Im just trying to get a little more hp and lopey idle.

Thanks 
Robert


----------



## rickm (Feb 8, 2012)

general motors part #9779068 is best for what your looking for. nice cam for any pontiac motor.


----------



## jetstang (Nov 5, 2008)

Daily drive 4.56 gear car?? And you want more cam, like 7 MPG isn't low enough at $4 a gallon.. How fast is the car now, sounds like a bracket 1/8th mile setup beyond the stall. Did someone swap out the fast motor/trans? I would swap the rear to a 3.?? gear and have a cruiser. I hope the N50s arent' original 1980s units..


----------



## tempestbob (Jul 25, 2011)

*cam specs*

Thanks for the part number. I am trying to turn it into a 1/8 mile car. The n50 tires are just mock up tires. Im going to probably go with p275,p295 size tire. I live in the city so the set up doesnt bother me. Plus i like putting those little rice burner cars to shame. I run 110 octane in it so im paying 8 bucks already. I do have a stall for it but i think its too big. (4000) im not sure. I picked up the car set up this way. I put front disc conversion, qai coilovers on all four corners. But im married with kids and my pockets are getting thin. So that why im just looking to put just something that i can still use stock springs,push rods,ect.. i just cant afford head work right now.
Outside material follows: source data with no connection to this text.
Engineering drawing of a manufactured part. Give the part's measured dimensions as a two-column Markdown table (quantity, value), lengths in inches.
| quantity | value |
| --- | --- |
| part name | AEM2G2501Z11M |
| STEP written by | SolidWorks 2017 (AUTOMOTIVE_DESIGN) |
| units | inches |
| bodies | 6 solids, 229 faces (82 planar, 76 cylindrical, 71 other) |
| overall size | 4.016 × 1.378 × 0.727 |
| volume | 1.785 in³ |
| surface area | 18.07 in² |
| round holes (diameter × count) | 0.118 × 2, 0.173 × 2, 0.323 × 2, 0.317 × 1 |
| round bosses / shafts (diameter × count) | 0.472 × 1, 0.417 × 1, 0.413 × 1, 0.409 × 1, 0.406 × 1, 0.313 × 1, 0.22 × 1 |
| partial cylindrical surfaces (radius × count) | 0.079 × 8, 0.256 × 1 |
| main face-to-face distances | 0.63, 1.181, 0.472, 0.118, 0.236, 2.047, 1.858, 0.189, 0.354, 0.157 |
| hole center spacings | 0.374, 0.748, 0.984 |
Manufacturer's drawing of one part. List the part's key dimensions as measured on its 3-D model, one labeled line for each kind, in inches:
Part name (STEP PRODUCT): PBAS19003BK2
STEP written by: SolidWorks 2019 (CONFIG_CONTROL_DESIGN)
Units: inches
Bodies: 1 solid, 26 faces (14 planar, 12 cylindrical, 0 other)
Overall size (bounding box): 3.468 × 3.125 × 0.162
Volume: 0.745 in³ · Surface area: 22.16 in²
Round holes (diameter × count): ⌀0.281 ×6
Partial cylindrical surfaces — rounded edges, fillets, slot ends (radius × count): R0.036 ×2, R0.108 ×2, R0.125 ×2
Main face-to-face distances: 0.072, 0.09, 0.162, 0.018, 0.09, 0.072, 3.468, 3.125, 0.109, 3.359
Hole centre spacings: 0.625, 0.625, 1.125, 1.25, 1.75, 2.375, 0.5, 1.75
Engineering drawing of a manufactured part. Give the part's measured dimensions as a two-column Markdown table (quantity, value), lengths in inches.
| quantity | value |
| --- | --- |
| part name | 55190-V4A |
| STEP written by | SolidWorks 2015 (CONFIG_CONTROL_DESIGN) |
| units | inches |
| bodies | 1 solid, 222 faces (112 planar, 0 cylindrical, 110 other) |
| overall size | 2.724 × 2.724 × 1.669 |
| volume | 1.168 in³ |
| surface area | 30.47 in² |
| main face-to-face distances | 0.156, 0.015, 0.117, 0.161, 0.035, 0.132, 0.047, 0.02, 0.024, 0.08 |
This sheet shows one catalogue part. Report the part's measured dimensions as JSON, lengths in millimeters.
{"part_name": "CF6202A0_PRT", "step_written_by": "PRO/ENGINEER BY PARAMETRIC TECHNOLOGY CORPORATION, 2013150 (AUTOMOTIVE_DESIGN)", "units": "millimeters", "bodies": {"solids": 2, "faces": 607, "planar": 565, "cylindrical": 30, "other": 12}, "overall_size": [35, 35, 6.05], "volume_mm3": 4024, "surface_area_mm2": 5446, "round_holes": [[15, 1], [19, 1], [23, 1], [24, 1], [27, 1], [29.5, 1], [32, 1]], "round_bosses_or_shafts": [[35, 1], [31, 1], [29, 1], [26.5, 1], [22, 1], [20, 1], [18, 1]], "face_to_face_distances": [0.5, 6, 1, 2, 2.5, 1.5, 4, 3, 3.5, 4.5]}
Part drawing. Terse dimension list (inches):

But thanks for getting back to me!!!!!

Robert


----------



## BearGFR (Aug 25, 2008)

That's a ton of gear for a Pontiac, even in an eighth-mile car. That's also waaaaay too much converter (4000). The thing is going to be at red-line or above the instant you hit the throttle. Your torque peak is going to be down around 3500 rpm or less, but with the way it's set up you're going to be "wasting" it all because the motor's going to spend nearly all its time way above 3500. If you've also got stock cast rods in it, it's a time-bomb on wheels. You said you wanted a "mild" cam, but it sounds like the rest of the car is set up (or is going to be set up) exactly "wrong" for a mild cam. It's possible to build Pontiacs that are optimized for short gears and 7000+ rpm, but the starting point for an engine like that is a MANDATORY combination of good quality forged steel rods and also a good quality forged steel crank, and probably 4-bolt splayed main caps. It'll also take a lot "more" cam and significantly better heads.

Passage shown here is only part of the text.